PROVIDED DATA
====

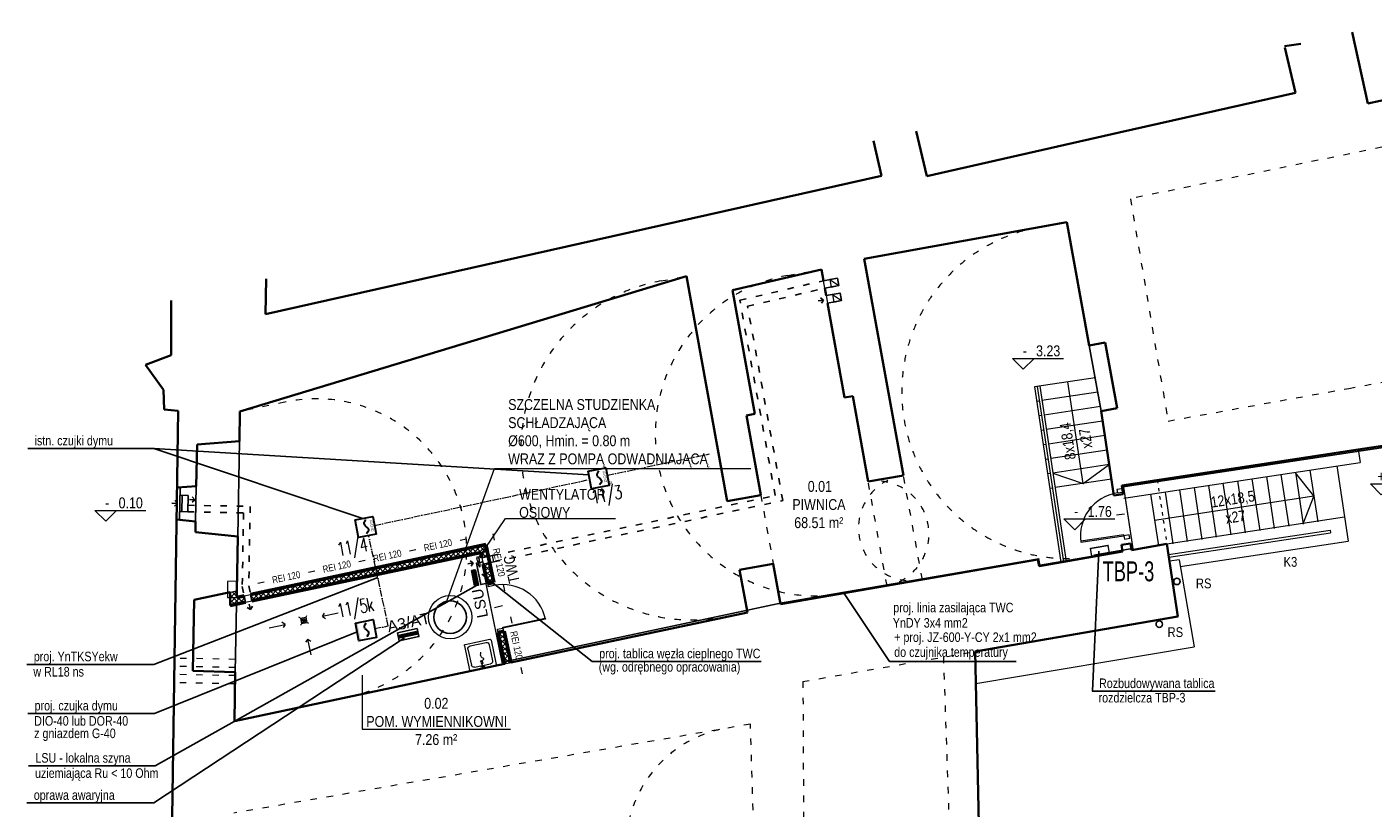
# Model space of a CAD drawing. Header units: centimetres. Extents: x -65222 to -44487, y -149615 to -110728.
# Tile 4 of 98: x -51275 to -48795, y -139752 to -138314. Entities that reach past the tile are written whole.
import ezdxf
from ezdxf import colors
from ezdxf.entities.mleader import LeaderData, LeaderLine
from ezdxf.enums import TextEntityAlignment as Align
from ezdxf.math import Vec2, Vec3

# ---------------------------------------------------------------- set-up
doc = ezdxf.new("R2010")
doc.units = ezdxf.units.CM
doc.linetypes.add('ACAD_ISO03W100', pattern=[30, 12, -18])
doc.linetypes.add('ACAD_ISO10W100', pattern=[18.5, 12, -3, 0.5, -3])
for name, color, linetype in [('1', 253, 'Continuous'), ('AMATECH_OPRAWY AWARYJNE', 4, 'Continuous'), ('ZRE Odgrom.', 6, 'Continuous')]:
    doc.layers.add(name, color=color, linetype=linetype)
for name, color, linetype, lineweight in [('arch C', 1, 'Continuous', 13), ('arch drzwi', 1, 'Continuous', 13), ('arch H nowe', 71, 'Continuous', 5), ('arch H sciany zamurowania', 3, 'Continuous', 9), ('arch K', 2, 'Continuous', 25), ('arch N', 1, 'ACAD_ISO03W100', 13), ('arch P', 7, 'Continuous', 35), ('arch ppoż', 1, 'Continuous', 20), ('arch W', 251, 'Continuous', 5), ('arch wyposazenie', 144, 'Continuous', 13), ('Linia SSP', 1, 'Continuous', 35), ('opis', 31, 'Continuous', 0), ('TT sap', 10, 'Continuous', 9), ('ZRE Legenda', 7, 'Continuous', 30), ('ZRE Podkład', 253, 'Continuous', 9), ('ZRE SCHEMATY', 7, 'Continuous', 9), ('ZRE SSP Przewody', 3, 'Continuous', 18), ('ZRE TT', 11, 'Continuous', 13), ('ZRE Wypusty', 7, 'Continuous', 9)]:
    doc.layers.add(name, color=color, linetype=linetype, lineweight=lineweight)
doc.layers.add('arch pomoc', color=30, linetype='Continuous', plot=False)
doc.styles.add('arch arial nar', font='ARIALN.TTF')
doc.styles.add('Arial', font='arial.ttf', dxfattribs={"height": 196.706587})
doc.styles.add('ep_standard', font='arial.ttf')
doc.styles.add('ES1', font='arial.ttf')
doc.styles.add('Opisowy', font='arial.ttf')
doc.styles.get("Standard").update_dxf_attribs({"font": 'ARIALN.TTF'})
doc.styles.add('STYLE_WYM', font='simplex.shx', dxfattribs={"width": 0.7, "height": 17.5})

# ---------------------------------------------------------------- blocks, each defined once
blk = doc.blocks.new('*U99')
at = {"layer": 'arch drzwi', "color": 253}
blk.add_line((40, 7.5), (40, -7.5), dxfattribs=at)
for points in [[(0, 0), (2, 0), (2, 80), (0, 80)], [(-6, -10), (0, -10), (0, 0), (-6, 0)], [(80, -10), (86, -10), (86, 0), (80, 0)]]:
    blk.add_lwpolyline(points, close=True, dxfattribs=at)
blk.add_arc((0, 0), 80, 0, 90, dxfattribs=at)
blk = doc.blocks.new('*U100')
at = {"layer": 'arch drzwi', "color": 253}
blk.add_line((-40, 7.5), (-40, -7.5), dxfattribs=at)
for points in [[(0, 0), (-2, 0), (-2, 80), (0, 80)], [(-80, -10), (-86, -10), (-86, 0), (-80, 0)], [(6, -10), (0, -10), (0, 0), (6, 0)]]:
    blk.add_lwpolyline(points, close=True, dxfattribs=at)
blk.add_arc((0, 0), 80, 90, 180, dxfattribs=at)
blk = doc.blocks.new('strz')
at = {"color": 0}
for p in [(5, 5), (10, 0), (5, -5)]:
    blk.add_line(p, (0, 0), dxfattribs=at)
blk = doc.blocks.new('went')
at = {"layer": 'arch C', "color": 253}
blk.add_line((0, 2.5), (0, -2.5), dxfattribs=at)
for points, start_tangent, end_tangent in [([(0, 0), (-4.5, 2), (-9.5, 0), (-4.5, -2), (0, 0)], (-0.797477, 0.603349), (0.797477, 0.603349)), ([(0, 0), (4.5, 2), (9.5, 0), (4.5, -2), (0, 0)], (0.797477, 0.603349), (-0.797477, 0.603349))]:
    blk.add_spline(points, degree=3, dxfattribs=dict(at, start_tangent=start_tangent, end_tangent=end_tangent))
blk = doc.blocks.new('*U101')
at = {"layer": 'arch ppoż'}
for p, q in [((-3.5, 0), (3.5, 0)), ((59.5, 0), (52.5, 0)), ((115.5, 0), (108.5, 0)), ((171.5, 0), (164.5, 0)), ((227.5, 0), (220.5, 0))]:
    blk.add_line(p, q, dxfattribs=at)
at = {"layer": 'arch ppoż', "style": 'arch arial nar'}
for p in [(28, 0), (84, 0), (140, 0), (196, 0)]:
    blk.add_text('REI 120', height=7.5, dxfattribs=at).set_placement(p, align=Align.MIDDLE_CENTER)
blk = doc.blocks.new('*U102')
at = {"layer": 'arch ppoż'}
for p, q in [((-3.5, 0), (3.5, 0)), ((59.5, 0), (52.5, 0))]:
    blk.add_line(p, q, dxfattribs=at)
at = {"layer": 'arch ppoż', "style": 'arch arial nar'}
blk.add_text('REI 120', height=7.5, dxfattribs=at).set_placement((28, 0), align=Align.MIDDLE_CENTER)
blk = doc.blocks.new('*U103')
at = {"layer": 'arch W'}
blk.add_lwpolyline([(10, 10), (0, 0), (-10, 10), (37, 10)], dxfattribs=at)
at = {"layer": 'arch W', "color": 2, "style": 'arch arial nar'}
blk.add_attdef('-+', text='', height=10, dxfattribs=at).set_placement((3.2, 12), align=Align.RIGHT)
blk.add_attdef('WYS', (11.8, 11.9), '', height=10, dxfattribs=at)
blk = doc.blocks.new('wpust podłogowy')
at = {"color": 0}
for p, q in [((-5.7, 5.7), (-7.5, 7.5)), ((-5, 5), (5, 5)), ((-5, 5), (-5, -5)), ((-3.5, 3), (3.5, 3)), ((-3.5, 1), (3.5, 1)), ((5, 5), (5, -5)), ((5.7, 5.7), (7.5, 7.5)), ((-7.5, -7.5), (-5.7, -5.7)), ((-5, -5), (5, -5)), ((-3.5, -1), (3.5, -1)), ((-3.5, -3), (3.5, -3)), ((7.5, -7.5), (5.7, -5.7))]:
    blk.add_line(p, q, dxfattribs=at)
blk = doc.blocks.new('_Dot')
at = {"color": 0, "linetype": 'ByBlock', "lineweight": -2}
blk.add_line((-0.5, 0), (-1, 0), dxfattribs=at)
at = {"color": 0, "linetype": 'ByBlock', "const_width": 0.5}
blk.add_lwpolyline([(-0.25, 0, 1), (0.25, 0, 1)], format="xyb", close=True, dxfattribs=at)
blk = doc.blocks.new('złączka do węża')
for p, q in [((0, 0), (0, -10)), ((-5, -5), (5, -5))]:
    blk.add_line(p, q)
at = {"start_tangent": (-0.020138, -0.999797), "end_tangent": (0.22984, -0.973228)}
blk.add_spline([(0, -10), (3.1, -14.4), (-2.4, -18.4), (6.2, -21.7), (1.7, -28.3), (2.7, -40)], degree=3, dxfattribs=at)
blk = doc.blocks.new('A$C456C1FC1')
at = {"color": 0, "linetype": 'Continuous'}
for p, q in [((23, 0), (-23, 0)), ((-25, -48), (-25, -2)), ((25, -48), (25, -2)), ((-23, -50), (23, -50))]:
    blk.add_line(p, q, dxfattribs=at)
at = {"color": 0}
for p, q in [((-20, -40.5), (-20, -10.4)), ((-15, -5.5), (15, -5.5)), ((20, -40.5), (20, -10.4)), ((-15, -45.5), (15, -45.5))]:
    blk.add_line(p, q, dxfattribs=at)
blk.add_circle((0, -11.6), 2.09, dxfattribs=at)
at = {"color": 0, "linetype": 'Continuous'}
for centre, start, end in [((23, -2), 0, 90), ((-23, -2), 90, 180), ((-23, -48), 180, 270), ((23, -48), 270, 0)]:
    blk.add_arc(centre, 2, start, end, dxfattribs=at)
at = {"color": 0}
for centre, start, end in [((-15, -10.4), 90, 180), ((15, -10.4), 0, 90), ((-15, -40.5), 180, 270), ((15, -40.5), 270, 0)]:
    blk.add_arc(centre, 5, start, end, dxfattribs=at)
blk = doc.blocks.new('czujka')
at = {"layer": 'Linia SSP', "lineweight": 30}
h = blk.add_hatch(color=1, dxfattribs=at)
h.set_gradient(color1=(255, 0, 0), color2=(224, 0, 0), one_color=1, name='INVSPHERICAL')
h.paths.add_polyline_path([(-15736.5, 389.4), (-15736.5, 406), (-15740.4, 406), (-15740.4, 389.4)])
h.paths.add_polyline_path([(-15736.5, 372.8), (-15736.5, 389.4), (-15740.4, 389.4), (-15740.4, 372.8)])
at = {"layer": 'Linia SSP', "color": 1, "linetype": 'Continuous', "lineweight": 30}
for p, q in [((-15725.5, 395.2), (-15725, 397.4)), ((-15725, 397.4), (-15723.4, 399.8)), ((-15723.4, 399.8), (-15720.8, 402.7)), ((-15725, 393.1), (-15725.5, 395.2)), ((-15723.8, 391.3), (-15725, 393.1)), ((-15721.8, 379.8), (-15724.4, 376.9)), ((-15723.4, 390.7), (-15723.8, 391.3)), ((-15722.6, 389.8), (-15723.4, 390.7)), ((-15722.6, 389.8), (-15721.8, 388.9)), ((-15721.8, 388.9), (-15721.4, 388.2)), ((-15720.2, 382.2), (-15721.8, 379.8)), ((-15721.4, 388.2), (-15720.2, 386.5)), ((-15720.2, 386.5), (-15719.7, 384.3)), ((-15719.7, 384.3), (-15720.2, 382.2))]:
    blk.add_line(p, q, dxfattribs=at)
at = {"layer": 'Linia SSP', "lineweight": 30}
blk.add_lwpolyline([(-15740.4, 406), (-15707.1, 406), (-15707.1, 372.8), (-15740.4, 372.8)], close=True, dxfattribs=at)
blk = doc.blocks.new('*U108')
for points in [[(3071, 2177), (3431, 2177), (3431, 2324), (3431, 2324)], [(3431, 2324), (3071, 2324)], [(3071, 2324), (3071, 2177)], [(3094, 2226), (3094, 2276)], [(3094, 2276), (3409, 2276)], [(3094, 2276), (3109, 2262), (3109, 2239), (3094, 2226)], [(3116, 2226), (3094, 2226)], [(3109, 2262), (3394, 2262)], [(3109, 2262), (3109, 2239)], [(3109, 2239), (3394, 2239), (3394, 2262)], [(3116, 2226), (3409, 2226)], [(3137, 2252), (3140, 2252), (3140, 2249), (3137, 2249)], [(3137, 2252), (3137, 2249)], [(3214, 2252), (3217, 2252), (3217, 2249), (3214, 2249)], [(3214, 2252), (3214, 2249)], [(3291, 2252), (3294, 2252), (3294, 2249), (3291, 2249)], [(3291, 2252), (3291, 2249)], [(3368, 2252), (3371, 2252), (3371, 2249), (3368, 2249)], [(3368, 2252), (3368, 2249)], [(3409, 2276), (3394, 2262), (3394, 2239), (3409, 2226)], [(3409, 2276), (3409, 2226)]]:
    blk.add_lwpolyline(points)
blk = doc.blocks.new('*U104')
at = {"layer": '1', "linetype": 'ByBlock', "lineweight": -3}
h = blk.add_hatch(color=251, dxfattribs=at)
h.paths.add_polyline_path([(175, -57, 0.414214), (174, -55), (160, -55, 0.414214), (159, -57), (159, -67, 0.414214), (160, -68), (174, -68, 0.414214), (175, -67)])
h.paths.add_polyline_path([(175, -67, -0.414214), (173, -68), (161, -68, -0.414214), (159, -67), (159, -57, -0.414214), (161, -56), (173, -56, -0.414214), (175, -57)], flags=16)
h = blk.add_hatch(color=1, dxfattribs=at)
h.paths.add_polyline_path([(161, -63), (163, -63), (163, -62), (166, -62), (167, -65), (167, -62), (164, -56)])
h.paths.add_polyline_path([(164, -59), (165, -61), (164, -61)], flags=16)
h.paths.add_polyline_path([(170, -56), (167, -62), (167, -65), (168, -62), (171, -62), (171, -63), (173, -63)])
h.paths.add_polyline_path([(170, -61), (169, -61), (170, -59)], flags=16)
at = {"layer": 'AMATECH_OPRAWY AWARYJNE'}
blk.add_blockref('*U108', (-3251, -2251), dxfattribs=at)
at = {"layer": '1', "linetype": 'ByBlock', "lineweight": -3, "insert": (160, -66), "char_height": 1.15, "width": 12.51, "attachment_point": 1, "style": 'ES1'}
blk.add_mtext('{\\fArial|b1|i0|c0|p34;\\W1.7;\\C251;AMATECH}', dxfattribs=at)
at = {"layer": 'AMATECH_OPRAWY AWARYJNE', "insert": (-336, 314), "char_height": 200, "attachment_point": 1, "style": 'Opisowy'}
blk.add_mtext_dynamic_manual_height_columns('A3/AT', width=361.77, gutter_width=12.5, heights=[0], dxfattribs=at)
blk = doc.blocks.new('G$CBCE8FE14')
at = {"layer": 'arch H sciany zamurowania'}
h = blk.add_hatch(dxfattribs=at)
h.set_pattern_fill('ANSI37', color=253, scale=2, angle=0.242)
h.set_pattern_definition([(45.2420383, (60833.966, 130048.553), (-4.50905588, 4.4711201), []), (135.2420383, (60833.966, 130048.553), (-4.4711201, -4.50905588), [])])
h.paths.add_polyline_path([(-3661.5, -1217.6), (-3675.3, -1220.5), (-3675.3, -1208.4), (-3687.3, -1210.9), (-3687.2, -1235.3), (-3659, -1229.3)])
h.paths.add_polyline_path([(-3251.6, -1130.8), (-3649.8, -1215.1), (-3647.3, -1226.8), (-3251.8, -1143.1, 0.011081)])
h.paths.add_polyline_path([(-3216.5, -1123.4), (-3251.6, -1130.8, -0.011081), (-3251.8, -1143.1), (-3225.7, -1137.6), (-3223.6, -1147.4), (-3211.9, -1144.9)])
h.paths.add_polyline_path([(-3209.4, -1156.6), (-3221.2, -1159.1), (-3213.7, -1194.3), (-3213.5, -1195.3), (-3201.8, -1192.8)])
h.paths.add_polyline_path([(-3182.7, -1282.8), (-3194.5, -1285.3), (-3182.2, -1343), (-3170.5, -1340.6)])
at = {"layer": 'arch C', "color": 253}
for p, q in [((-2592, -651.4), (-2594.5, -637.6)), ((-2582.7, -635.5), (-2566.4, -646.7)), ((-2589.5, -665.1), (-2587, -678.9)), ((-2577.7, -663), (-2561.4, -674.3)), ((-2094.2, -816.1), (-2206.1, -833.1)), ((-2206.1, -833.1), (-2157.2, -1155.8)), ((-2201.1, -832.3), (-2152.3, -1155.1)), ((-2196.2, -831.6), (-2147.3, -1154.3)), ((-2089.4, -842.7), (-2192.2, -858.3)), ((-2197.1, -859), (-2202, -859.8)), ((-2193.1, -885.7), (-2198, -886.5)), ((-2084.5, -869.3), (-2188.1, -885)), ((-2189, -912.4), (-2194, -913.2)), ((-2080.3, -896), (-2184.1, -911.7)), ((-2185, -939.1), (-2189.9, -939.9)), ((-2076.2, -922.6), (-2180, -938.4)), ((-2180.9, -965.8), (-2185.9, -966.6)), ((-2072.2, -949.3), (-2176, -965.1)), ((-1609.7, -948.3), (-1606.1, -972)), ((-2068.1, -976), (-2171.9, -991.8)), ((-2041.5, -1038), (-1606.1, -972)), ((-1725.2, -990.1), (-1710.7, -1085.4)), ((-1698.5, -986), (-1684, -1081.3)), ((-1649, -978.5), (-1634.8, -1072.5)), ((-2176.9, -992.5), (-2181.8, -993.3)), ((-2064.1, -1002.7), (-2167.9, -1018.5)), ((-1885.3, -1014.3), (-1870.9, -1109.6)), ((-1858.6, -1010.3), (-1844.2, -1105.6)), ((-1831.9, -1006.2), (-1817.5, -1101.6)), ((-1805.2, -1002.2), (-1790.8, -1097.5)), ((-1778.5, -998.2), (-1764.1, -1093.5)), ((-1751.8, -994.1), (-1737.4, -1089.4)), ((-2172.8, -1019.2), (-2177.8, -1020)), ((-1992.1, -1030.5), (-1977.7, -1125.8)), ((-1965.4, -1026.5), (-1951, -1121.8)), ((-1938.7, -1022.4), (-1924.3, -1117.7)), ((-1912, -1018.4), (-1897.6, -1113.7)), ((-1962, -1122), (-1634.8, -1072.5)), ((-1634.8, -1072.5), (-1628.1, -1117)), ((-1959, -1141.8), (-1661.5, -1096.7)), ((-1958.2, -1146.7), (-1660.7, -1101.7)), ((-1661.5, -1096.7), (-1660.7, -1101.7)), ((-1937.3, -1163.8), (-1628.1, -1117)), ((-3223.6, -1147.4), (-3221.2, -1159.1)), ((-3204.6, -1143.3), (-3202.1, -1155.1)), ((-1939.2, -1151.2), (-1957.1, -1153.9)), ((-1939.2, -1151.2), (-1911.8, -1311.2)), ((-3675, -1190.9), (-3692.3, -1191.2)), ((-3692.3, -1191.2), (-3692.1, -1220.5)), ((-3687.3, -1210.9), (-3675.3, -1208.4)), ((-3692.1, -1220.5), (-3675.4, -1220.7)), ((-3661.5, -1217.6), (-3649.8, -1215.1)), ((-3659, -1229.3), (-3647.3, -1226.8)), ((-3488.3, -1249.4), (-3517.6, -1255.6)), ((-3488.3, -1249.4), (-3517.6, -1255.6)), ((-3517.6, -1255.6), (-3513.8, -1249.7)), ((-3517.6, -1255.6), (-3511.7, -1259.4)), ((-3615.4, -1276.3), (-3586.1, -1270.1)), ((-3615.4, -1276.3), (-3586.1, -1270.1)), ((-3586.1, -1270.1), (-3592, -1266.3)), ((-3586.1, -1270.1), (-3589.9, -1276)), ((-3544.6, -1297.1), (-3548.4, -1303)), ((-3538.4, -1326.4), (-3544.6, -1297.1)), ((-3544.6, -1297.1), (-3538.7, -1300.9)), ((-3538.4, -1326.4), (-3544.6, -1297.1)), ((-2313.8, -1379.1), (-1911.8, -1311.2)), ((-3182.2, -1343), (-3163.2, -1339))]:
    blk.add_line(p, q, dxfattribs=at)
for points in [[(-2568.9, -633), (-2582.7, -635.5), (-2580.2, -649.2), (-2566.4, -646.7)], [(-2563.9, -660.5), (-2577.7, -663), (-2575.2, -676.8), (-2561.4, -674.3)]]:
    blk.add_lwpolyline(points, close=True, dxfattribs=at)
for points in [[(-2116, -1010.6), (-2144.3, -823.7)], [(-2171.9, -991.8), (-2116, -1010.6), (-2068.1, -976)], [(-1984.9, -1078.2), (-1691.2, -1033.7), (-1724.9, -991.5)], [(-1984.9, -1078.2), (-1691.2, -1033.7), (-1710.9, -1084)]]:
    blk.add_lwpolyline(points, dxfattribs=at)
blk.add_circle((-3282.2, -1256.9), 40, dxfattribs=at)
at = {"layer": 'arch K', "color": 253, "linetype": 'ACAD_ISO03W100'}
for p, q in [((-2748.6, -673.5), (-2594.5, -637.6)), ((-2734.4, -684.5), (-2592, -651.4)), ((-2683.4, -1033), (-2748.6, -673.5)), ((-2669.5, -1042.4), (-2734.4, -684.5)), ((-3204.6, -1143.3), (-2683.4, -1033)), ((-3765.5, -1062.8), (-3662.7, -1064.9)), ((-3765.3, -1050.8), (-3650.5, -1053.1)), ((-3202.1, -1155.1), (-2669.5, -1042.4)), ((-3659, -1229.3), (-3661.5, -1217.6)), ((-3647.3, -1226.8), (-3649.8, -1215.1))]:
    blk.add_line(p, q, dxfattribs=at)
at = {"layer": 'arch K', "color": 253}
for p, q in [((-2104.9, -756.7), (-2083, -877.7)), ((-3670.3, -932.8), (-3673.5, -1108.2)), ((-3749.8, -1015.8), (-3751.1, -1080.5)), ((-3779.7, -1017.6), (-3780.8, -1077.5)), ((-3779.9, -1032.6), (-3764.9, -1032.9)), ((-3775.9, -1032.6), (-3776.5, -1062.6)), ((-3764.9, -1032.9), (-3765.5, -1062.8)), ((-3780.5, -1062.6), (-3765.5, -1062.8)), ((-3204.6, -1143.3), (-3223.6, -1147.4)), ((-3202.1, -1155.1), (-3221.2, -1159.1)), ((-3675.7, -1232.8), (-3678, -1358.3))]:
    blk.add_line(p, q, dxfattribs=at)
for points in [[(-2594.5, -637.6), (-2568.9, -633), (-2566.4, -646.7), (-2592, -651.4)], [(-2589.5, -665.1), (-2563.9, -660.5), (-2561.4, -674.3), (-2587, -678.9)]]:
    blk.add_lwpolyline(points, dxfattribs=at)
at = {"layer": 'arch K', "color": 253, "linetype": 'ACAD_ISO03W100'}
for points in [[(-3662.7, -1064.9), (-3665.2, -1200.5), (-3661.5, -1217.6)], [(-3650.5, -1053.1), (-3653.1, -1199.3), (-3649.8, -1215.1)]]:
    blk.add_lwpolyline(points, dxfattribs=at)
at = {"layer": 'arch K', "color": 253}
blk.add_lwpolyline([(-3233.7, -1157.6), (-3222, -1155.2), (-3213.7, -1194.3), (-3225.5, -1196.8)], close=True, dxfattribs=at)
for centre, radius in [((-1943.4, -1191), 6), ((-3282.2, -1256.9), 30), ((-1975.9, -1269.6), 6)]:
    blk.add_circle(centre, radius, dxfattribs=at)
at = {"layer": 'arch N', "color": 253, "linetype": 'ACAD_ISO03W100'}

====

EXERCISE REQUIREMENTS
Output should match, line for line, the stretch of the material above from the line holding "blk.add_line((0, 2.5), (0, -2.5), dxfattribs=at)" through the line holding "blk = doc.blocks.new('wpust podłogowy')".

RESULT OF THE TASK
blk.add_line((0, 2.5), (0, -2.5), dxfattribs=at)
for points, start_tangent, end_tangent in [([(0, 0), (-4.5, 2), (-9.5, 0), (-4.5, -2), (0, 0)], (-0.797477, 0.603349), (0.797477, 0.603349)), ([(0, 0), (4.5, 2), (9.5, 0), (4.5, -2), (0, 0)], (0.797477, 0.603349), (-0.797477, 0.603349))]:
    blk.add_spline(points, degree=3, dxfattribs=dict(at, start_tangent=start_tangent, end_tangent=end_tangent))
blk = doc.blocks.new('*U101')
at = {"layer": 'arch ppoż'}
for p, q in [((-3.5, 0), (3.5, 0)), ((59.5, 0), (52.5, 0)), ((115.5, 0), (108.5, 0)), ((171.5, 0), (164.5, 0)), ((227.5, 0), (220.5, 0))]:
    blk.add_line(p, q, dxfattribs=at)
at = {"layer": 'arch ppoż', "style": 'arch arial nar'}
for p in [(28, 0), (84, 0), (140, 0), (196, 0)]:
    blk.add_text('REI 120', height=7.5, dxfattribs=at).set_placement(p, align=Align.MIDDLE_CENTER)
blk = doc.blocks.new('*U102')
at = {"layer": 'arch ppoż'}
for p, q in [((-3.5, 0), (3.5, 0)), ((59.5, 0), (52.5, 0))]:
    blk.add_line(p, q, dxfattribs=at)
at = {"layer": 'arch ppoż', "style": 'arch arial nar'}
blk.add_text('REI 120', height=7.5, dxfattribs=at).set_placement((28, 0), align=Align.MIDDLE_CENTER)
blk = doc.blocks.new('*U103')
at = {"layer": 'arch W'}
blk.add_lwpolyline([(10, 10), (0, 0), (-10, 10), (37, 10)], dxfattribs=at)
at = {"layer": 'arch W', "color": 2, "style": 'arch arial nar'}
blk.add_attdef('-+', text='', height=10, dxfattribs=at).set_placement((3.2, 12), align=Align.RIGHT)
blk.add_attdef('WYS', (11.8, 11.9), '', height=10, dxfattribs=at)
blk = doc.blocks.new('wpust podłogowy')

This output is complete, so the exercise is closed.